Committee Member Profile—Philip Trowbridge
Animal
husbandry is in Philip Trowbridge's blood. A third-generation farmer, Trowbridge,
the newest member of the Zweig committee, always knew he'd get a job in animal
science. The eighth of nine children, he grew up on the family farm with cattle,
horses, and vegetables, then majored in animal science at the State University
of New York College of Technology at Alfred (Alfred State College). The day
after he graduated in 1976,Trowbridge went to work for Gallagher's Stud, Inc.,
a 600-acre farm in Ghent, N.Y., about 30 miles south of Albany. He's worked
there ever since.
Trowbridge started as a herdsman for the farm's Angus operation.

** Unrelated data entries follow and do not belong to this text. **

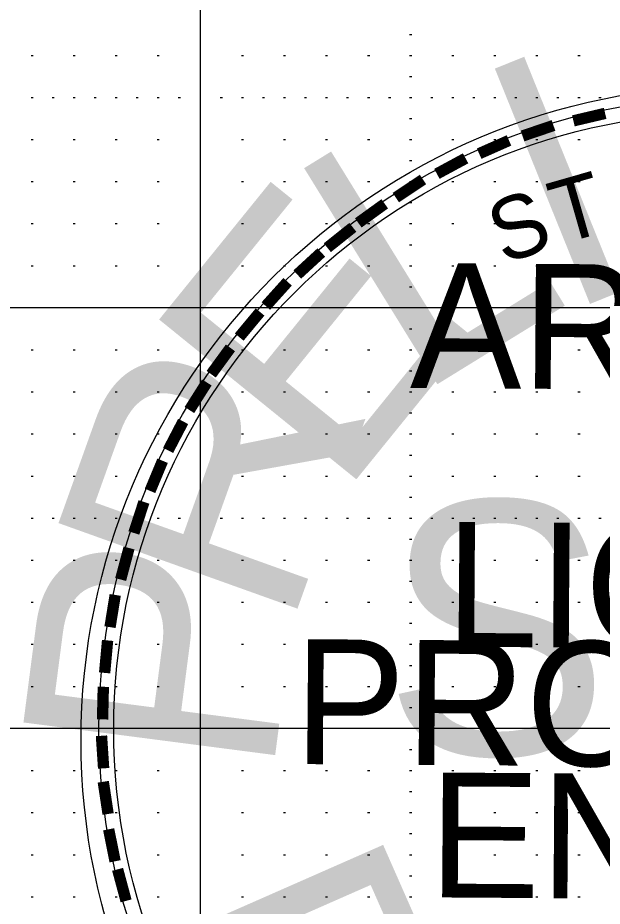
# Model space of a CAD drawing. Extents: x -1.6 to 32.4, y -1.9 to 21.6.
# Drawn here: x 27.374 to 28.763, y 17.122 to 19.234 of the extents above; entities that cross this region are included whole.
import ezdxf

# ---------------------------------------------------------------- set-up
doc = ezdxf.new("R2010")
doc.units = 0
for name, color, linetype in [('Level 4', 7, 'Continuous'), ('Level 49', 7, 'Continuous'), ('Level 5', 7, 'Continuous'), ('R_Border Prelim', 7, 'Continuous'), ('Stamp Mask', 7, 'Continuous')]:
    doc.layers.add(name, color=color, linetype=linetype)

msp = doc.modelspace()

# ---------------------------------------------------------------- linework, layer by layer
at = {"layer": 'Level 4'}
for p, q in [((27.808, 0.545), (27.808, 19.7217)), ((31.617, 18.545), (-0.001, 18.545)), ((31.617, 17.545), (-0.001, 17.545))]:
    msp.add_line(p, q, dxfattribs=at)
at = {"layer": 'Level 5'}
for p, q in [((28.3055, 19.195), (28.3105, 19.195)), ((27.4055, 19.145), (27.4105, 19.145)), ((27.5055, 19.145), (27.5105, 19.145)), ((27.6055, 19.145), (27.6105, 19.145)), ((27.7055, 19.145), (27.7105, 19.145)), ((27.9055, 19.145), (27.9105, 19.145)), ((28.0055, 19.145), (28.0105, 19.145)), ((28.1055, 19.145), (28.1105, 19.145)), ((28.2055, 19.145), (28.2105, 19.145)), ((28.3055, 19.145), (28.3105, 19.145)), ((28.4055, 19.145), (28.4105, 19.145)), ((28.5055, 19.145), (28.5105, 19.145)), ((28.6055, 19.145), (28.6105, 19.145)), ((28.7055, 19.145), (28.7105, 19.145)), ((28.3055, 19.095), (28.3105, 19.095)), ((27.4055, 19.045), (27.4105, 19.045)), ((27.4555, 19.045), (27.4605, 19.045)), ((27.5055, 19.045), (27.5105, 19.045)), ((27.5555, 19.045), (27.5605, 19.045)), ((27.6055, 19.045), (27.6105, 19.045)), ((27.6555, 19.045), (27.6605, 19.045)), ((27.7055, 19.045), (27.7105, 19.045)), ((27.7555, 19.045), (27.7605, 19.045)), ((27.8555, 19.045), (27.8605, 19.045)), ((27.9055, 19.045), (27.9105, 19.045)), ((27.9555, 19.045), (27.9605, 19.045)), ((28.0055, 19.045), (28.0105, 19.045)), ((28.0555, 19.045), (28.0605, 19.045)), ((28.1055, 19.045), (28.1105, 19.045)), ((28.1555, 19.045), (28.1605, 19.045)), ((28.2055, 19.045), (28.2105, 19.045)), ((28.2555, 19.045), (28.2605, 19.045)), ((28.3055, 19.045), (28.3105, 19.045)), ((28.3555, 19.045), (28.3605, 19.045)), ((28.4055, 19.045), (28.4105, 19.045)), ((28.4555, 19.045), (28.4605, 19.045)), ((28.5055, 19.045), (28.5105, 19.045)), ((28.5555, 19.045), (28.5605, 19.045)), ((28.6055, 19.045), (28.6105, 19.045)), ((28.6555, 19.045), (28.6605, 19.045)), ((28.7055, 19.045), (28.7105, 19.045)), ((28.7555, 19.045), (28.7605, 19.045)), ((28.3055, 18.995), (28.3105, 18.995)), ((27.4055, 18.945), (27.4105, 18.945)), ((27.5055, 18.945), (27.5105, 18.945)), ((27.6055, 18.945), (27.6105, 18.945)), ((27.7055, 18.945), (27.7105, 18.945)), ((27.9055, 18.945), (27.9105, 18.945)), ((28.0055, 18.945), (28.0105, 18.945)), ((28.1055, 18.945), (28.1105, 18.945)), ((28.2055, 18.945), (28.2105, 18.945)), ((28.3055, 18.945), (28.3105, 18.945)), ((28.4055, 18.945), (28.4105, 18.945)), ((28.5055, 18.945), (28.5105, 18.945)), ((28.6055, 18.945), (28.6105, 18.945)), ((28.7055, 18.945), (28.7105, 18.945)), ((28.3055, 18.895), (28.3105, 18.895)), ((27.4055, 18.845), (27.4105, 18.845)), ((27.5055, 18.845), (27.5105, 18.845)), ((27.6055, 18.845), (27.6105, 18.845)), ((27.7055, 18.845), (27.7105, 18.845)), ((27.9055, 18.845), (27.9105, 18.845)), ((28.0055, 18.845), (28.0105, 18.845)), ((28.1055, 18.845), (28.1105, 18.845)), ((28.2055, 18.845), (28.2105, 18.845)), ((28.3055, 18.845), (28.3105, 18.845)), ((28.4055, 18.845), (28.4105, 18.845)), ((28.5055, 18.845), (28.5105, 18.845)), ((28.6055, 18.845), (28.6105, 18.845)), ((28.7055, 18.845), (28.7105, 18.845)), ((28.3055, 18.795), (28.3105, 18.795)), ((27.4055, 18.745), (27.4105, 18.745)), ((27.5055, 18.745), (27.5105, 18.745)), ((27.6055, 18.745), (27.6105, 18.745)), ((27.7055, 18.745), (27.7105, 18.745)), ((27.9055, 18.745), (27.9105, 18.745)), ((28.0055, 18.745), (28.0105, 18.745)), ((28.1055, 18.745), (28.1105, 18.745)), ((28.2055, 18.745), (28.2105, 18.745)), ((28.3055, 18.745), (28.3105, 18.745)), ((28.4055, 18.745), (28.4105, 18.745)), ((28.5055, 18.745), (28.5105, 18.745)), ((28.6055, 18.745), (28.6105, 18.745)), ((28.7055, 18.745), (28.7105, 18.745)), ((28.3055, 18.695), (28.3105, 18.695)), ((27.4055, 18.645), (27.4105, 18.645)), ((27.5055, 18.645), (27.5105, 18.645)), ((27.6055, 18.645), (27.6105, 18.645)), ((27.7055, 18.645), (27.7105, 18.645)), ((27.9055, 18.645), (27.9105, 18.645)), ((28.0055, 18.645), (28.0105, 18.645)), ((28.1055, 18.645), (28.1105, 18.645)), ((28.2055, 18.645), (28.2105, 18.645)), ((28.3055, 18.645), (28.3105, 18.645)), ((28.4055, 18.645), (28.4105, 18.645)), ((28.5055, 18.645), (28.5105, 18.645)), ((28.6055, 18.645), (28.6105, 18.645)), ((28.7055, 18.645), (28.7105, 18.645)), ((28.3055, 18.595), (28.3105, 18.595)), ((28.3055, 18.495), (28.3105, 18.495)), ((27.4055, 18.445), (27.4105, 18.445)), ((27.5055, 18.445), (27.5105, 18.445)), ((27.6055, 18.445), (27.6105, 18.445)), ((27.7055, 18.445), (27.7105, 18.445)), ((27.9055, 18.445), (27.9105, 18.445)), ((28.0055, 18.445), (28.0105, 18.445)), ((28.1055, 18.445), (28.1105, 18.445)), ((28.2055, 18.445), (28.2105, 18.445)), ((28.3055, 18.445), (28.3105, 18.445)), ((28.4055, 18.445), (28.4105, 18.445)), ((28.5055, 18.445), (28.5105, 18.445)), ((28.6055, 18.445), (28.6105, 18.445)), ((28.7055, 18.445), (28.7105, 18.445)), ((28.3055, 18.395), (28.3105, 18.395)), ((27.4055, 18.345), (27.4105, 18.345)), ((27.5055, 18.345), (27.5105, 18.345)), ((27.6055, 18.345), (27.6105, 18.345)), ((27.7055, 18.345), (27.7105, 18.345)), ((27.9055, 18.345), (27.9105, 18.345)), ((28.0055, 18.345), (28.0105, 18.345)), ((28.1055, 18.345), (28.1105, 18.345)), ((28.2055, 18.345), (28.2105, 18.345)), ((28.3055, 18.345), (28.3105, 18.345)), ((28.4055, 18.345), (28.4105, 18.345)), ((28.5055, 18.345), (28.5105, 18.345)), ((28.6055, 18.345), (28.6105, 18.345)), ((28.7055, 18.345), (28.7105, 18.345)), ((28.3055, 18.295), (28.3105, 18.295)), ((27.4055, 18.245), (27.4105, 18.245)), ((27.5055, 18.245), (27.5105, 18.245)), ((27.6055, 18.245), (27.6105, 18.245)), ((27.7055, 18.245), (27.7105, 18.245)), ((27.9055, 18.245), (27.9105, 18.245)), ((28.0055, 18.245), (28.0105, 18.245)), ((28.1055, 18.245), (28.1105, 18.245)), ((28.2055, 18.245), (28.2105, 18.245)), ((28.3055, 18.245), (28.3105, 18.245)), ((28.4055, 18.245), (28.4105, 18.245)), ((28.5055, 18.245), (28.5105, 18.245)), ((28.6055, 18.245), (28.6105, 18.245)), ((28.7055, 18.245), (28.7105, 18.245)), ((28.3055, 18.195), (28.3105, 18.195)), ((27.4055, 18.145), (27.4105, 18.145)), ((27.5055, 18.145), (27.5105, 18.145)), ((27.6055, 18.145), (27.6105, 18.145)), ((27.7055, 18.145), (27.7105, 18.145)), ((27.9055, 18.145), (27.9105, 18.145)), ((28.0055, 18.145), (28.0105, 18.145)), ((28.1055, 18.145), (28.1105, 18.145)), ((28.2055, 18.145), (28.2105, 18.145)), ((28.3055, 18.145), (28.3105, 18.145)), ((28.4055, 18.145), (28.4105, 18.145)), ((28.5055, 18.145), (28.5105, 18.145)), ((28.6055, 18.145), (28.6105, 18.145)), ((28.7055, 18.145), (28.7105, 18.145)), ((28.3055, 18.095), (28.3105, 18.095)), ((27.4055, 18.045), (27.4105, 18.045)), ((27.4555, 18.045), (27.4605, 18.045)), ((27.5055, 18.045), (27.5105, 18.045)), ((27.5555, 18.045), (27.5605, 18.045)), ((27.6055, 18.045), (27.6105, 18.045)), ((27.6555, 18.045), (27.6605, 18.045)), ((27.7055, 18.045), (27.7105, 18.045)), ((27.7555, 18.045), (27.7605, 18.045)), ((27.8555, 18.045), (27.8605, 18.045)), ((27.9055, 18.045), (27.9105, 18.045)), ((27.9555, 18.045), (27.9605, 18.045)), ((28.0055, 18.045), (28.0105, 18.045)), ((28.0555, 18.045), (28.0605, 18.045)), ((28.1055, 18.045), (28.1105, 18.045)), ((28.1555, 18.045), (28.1605, 18.045)), ((28.2055, 18.045), (28.2105, 18.045)), ((28.2555, 18.045), (28.2605, 18.045)), ((28.3055, 18.045), (28.3105, 18.045)), ((28.3555, 18.045), (28.3605, 18.045)), ((28.4055, 18.045), (28.4105, 18.045)), ((28.4555, 18.045), (28.4605, 18.045)), ((28.5055, 18.045), (28.5105, 18.045)), ((28.5555, 18.045), (28.5605, 18.045)), ((28.6055, 18.045), (28.6105, 18.045)), ((28.6555, 18.045), (28.6605, 18.045)), ((28.7055, 18.045), (28.7105, 18.045)), ((28.7555, 18.045), (28.7605, 18.045)), ((28.3055, 17.995), (28.3105, 17.995)), ((27.4055, 17.945), (27.4105, 17.945)), ((27.5055, 17.945), (27.5105, 17.945)), ((27.6055, 17.945), (27.6105, 17.945)), ((27.7055, 17.945), (27.7105, 17.945)), ((27.9055, 17.945), (27.9105, 17.945)), ((28.0055, 17.945), (28.0105, 17.945)), ((28.1055, 17.945), (28.1105, 17.945)), ((28.2055, 17.945), (28.2105, 17.945)), ((28.3055, 17.945), (28.3105, 17.945)), ((28.4055, 17.945), (28.4105, 17.945)), ((28.5055, 17.945), (28.5105, 17.945)), ((28.6055, 17.945), (28.6105, 17.945)), ((28.7055, 17.945), (28.7105, 17.945)), ((28.3055, 17.895), (28.3105, 17.895)), ((27.4055, 17.845), (27.4105, 17.845)), ((27.5055, 17.845), (27.5105, 17.845)), ((27.6055, 17.845), (27.6105, 17.845)), ((27.7055, 17.845), (27.7105, 17.845)), ((27.9055, 17.845), (27.9105, 17.845)), ((28.0055, 17.845), (28.0105, 17.845)), ((28.1055, 17.845), (28.1105, 17.845)), ((28.2055, 17.845), (28.2105, 17.845)), ((28.3055, 17.845), (28.3105, 17.845)), ((28.4055, 17.845), (28.4105, 17.845)), ((28.5055, 17.845), (28.5105, 17.845)), ((28.6055, 17.845), (28.6105, 17.845)), ((28.7055, 17.845), (28.7105, 17.845)), ((28.3055, 17.795), (28.3105, 17.795)), ((27.4055, 17.745), (27.4105, 17.745)), ((27.5055, 17.745), (27.5105, 17.745)), ((27.6055, 17.745), (27.6105, 17.745)), ((27.7055, 17.745), (27.7105, 17.745)), ((27.9055, 17.745), (27.9105, 17.745)), ((28.0055, 17.745), (28.0105, 17.745)), ((28.1055, 17.745), (28.1105, 17.745)), ((28.2055, 17.745), (28.2105, 17.745)), ((28.3055, 17.745), (28.3105, 17.745)), ((28.4055, 17.745), (28.4105, 17.745)), ((28.5055, 17.745), (28.5105, 17.745)), ((28.6055, 17.745), (28.6105, 17.745)), ((28.7055, 17.745), (28.7105, 17.745)), ((28.3055, 17.695), (28.3105, 17.695)), ((27.4055, 17.645), (27.4105, 17.645)), ((27.5055, 17.645), (27.5105, 17.645)), ((27.6055, 17.645), (27.6105, 17.645)), ((27.7055, 17.645), (27.7105, 17.645)), ((27.9055, 17.645), (27.9105, 17.645)), ((28.0055, 17.645), (28.0105, 17.645)), ((28.1055, 17.645), (28.1105, 17.645)), ((28.2055, 17.645), (28.2105, 17.645)), ((28.3055, 17.645), (28.3105, 17.645)), ((28.4055, 17.645), (28.4105, 17.645)), ((28.5055, 17.645), (28.5105, 17.645)), ((28.6055, 17.645), (28.6105, 17.645)), ((28.7055, 17.645), (28.7105, 17.645)), ((28.3055, 17.595), (28.3105, 17.595)), ((28.3055, 17.495), (28.3105, 17.495)), ((27.4055, 17.445), (27.4105, 17.445)), ((27.5055, 17.445), (27.5105, 17.445)), ((27.6055, 17.445), (27.6105, 17.445)), ((27.7055, 17.445), (27.7105, 17.445)), ((27.9055, 17.445), (27.9105, 17.445)), ((28.0055, 17.445), (28.0105, 17.445)), ((28.1055, 17.445), (28.1105, 17.445)), ((28.2055, 17.445), (28.2105, 17.445)), ((28.3055, 17.445), (28.3105, 17.445)), ((28.4055, 17.445), (28.4105, 17.445)), ((28.5055, 17.445), (28.5105, 17.445)), ((28.6055, 17.445), (28.6105, 17.445)), ((28.7055, 17.445), (28.7105, 17.445)), ((28.3055, 17.395), (28.3105, 17.395)), ((27.4055, 17.345), (27.4105, 17.345)), ((27.5055, 17.345), (27.5105, 17.345)), ((27.6055, 17.345), (27.6105, 17.345)), ((27.7055, 17.345), (27.7105, 17.345)), ((27.9055, 17.345), (27.9105, 17.345)), ((28.0055, 17.345), (28.0105, 17.345)), ((28.1055, 17.345), (28.1105, 17.345)), ((28.2055, 17.345), (28.2105, 17.345)), ((28.3055, 17.345), (28.3105, 17.345)), ((28.4055, 17.345), (28.4105, 17.345)), ((28.5055, 17.345), (28.5105, 17.345)), ((28.6055, 17.345), (28.6105, 17.345)), ((28.7055, 17.345), (28.7105, 17.345)), ((28.3055, 17.295), (28.3105, 17.295)), ((27.4055, 17.245), (27.4105, 17.245)), ((27.5055, 17.245), (27.5105, 17.245)), ((27.6055, 17.245), (27.6105, 17.245)), ((27.7055, 17.245), (27.7105, 17.245)), ((27.9055, 17.245), (27.9105, 17.245)), ((28.0055, 17.245), (28.0105, 17.245)), ((28.1055, 17.245), (28.1105, 17.245)), ((28.2055, 17.245), (28.2105, 17.245)), ((28.3055, 17.245), (28.3105, 17.245)), ((28.4055, 17.245), (28.4105, 17.245)), ((28.5055, 17.245), (28.5105, 17.245)), ((28.6055, 17.245), (28.6105, 17.245)), ((28.7055, 17.245), (28.7105, 17.245)), ((28.3055, 17.195), (28.3105, 17.195)), ((27.4055, 17.145), (27.4105, 17.145)), ((27.5055, 17.145), (27.5105, 17.145)), ((27.6055, 17.145), (27.6105, 17.145)), ((27.7055, 17.145), (27.7105, 17.145)), ((27.9055, 17.145), (27.9105, 17.145)), ((28.0055, 17.145), (28.0105, 17.145)), ((28.1055, 17.145), (28.1105, 17.145)), ((28.2055, 17.145), (28.2105, 17.145)), ((28.3055, 17.145), (28.3105, 17.145)), ((28.4055, 17.145), (28.4105, 17.145)), ((28.5055, 17.145), (28.5105, 17.145)), ((28.6055, 17.145), (28.6105, 17.145)), ((28.7055, 17.145), (28.7105, 17.145))]:
    msp.add_line(p, q, dxfattribs=at)
at = {"layer": 'R_Border Prelim'}
msp.add_circle((29.0672, 17.545), 1.5001, dxfattribs=at)
at = {"layer": 'Stamp Mask'}
for centre, radius in [((29.0813, 17.5168), 1.5568), ((29.0679, 17.5442), 1.4658)]:
    msp.add_circle(centre, radius, dxfattribs=at)

# ---------------------------------------------------------------- texts
at = {"layer": 'Level 49'}
for s, height, rotation, p in [('-', 0.2374, 13.2326, (28.702, 18.8969)), ('-', 0.2374, 18.7785, (28.5902, 18.8621)), ('-', 0.2375, 23.9096, (28.495, 18.8218)), ('-', 0.2375, 28.3942, (28.4015, 18.776)), ('-', 0.2375, 33.666, (28.3118, 18.7228)), ('T', 0.1484, 16.006, (28.6654, 18.6953)), ('S', 0.1484, 21.1964, (28.5298, 18.6459)), ('-', 0.2374, 35.8341, (28.2257, 18.6642)), ('-', 0.2374, 38.5531, (28.156, 18.6074)), ('-', 0.2374, 42.5646, (28.0901, 18.547)), ('ARKANSAS', 0.29686, 359.6024, (28.3063, 18.3546)), ('-', 0.2375, 48.0254, (28.0223, 18.4773)), ('-', 0.2374, 50.2166, (27.9618, 18.4059)), ('-', 0.2375, 53.8349, (27.8995, 18.3216)), ('-', 0.2375, 57.673, (27.8519, 18.241)), ('-', 0.2374, 62.4738, (27.8061, 18.1512)), ('-', 0.2374, 67.3767, (27.7676, 18.0615)), ('-', 0.2374, 71.9969, (27.7328, 17.968)), ('LICENSED', 0.29686, 359.6024, (28.3893, 17.7395)), ('-', 0.2375, 75.0634, (27.7035, 17.8618)), ('-', 0.2374, 80.8037, (27.6815, 17.7573)), ('-', 0.2374, 84.7887, (27.6705, 17.6547)), ('PROFESSIONAL', 0.296862, 359.6024, (28.0296, 17.4605)), ('-', 0.2375, 88.6646, (27.6669, 17.5503)), ('-', 0.2374, 93.7983, (27.6705, 17.4422)), ('ENGINEER', 0.29686, 359.6024, (28.3502, 17.1436)), ('-', 0.2374, 98.5503, (27.6815, 17.3414)), ('-', 0.2375, 101.3173, (27.698, 17.2334)), ('-', 0.2375, 105.0602, (27.7237, 17.1454))]:
    msp.add_text(s, height=height, rotation=rotation, dxfattribs=at).set_placement(p)
at = {"layer": 'R_Border Prelim'}
for s, rotation, p in [('I', 22.0105, (28.6652, 18.5262)), ('L', 31.6686, (28.3152, 18.3286)), ('E', 50.9849, (28.1372, 18.0858)), ('R', 70.3011, (28.0166, 17.7675)), ('P', 82.6089, (27.9774, 17.416)), ('R', 293.7639, (27.6636, 17.0857))]:
    msp.add_text(s, height=0.6034, rotation=rotation, dxfattribs=at).set_placement(p)
msp.add_text('SUBJECT', height=0.60336, dxfattribs=at).set_placement((28.2428, 17.4824))

doc.saveas('drawing.dxf')

A year later he married his college sweetheart. A year after that the farm's owners, Mr. And Mrs. Jerome Brody, purchased their first Thoroughbred horses. Soon after, the farm's Thoroughbred horse breeding operations became successful and Trowbridge was named manager. Today, the farm has horses racing throughout the nation and all over the world.
"In fact, we bred the two highest-priced New York-bred Thoroughbreds," Trowbridge says.
In addition to managing the breeding and marketing operation for the 55 horses the farm owns and the dozen or so horses it sells each year, Trowbridge oversees herds of his own. With his wife, Anne, and their two teenage children, Trowbridge manages two Belgium draft horses, which the family drives around the farm, 75 Angus cattle (with sales of about 40 offspring a year), 30 sheep (with sales of about 30 sheep a year, mostly to 4-H youth), 20chickens for the family's egg supply, and two Border collies. The Trowbridges have been breeding Border collies for about 20 years. The farm and its animals are Trowbridge's passion.
"I don't do anything else," says the 43-year-old agriculturist.
"I don't have any other hobbies or interests. For me, I really really truly love what I am doing and don't want to do anything but this."
Trowbridge came to the Zweig Committee in August of last year as a representative from the Board of Directors of the New York State Thoroughbred Breeding & Development Fund.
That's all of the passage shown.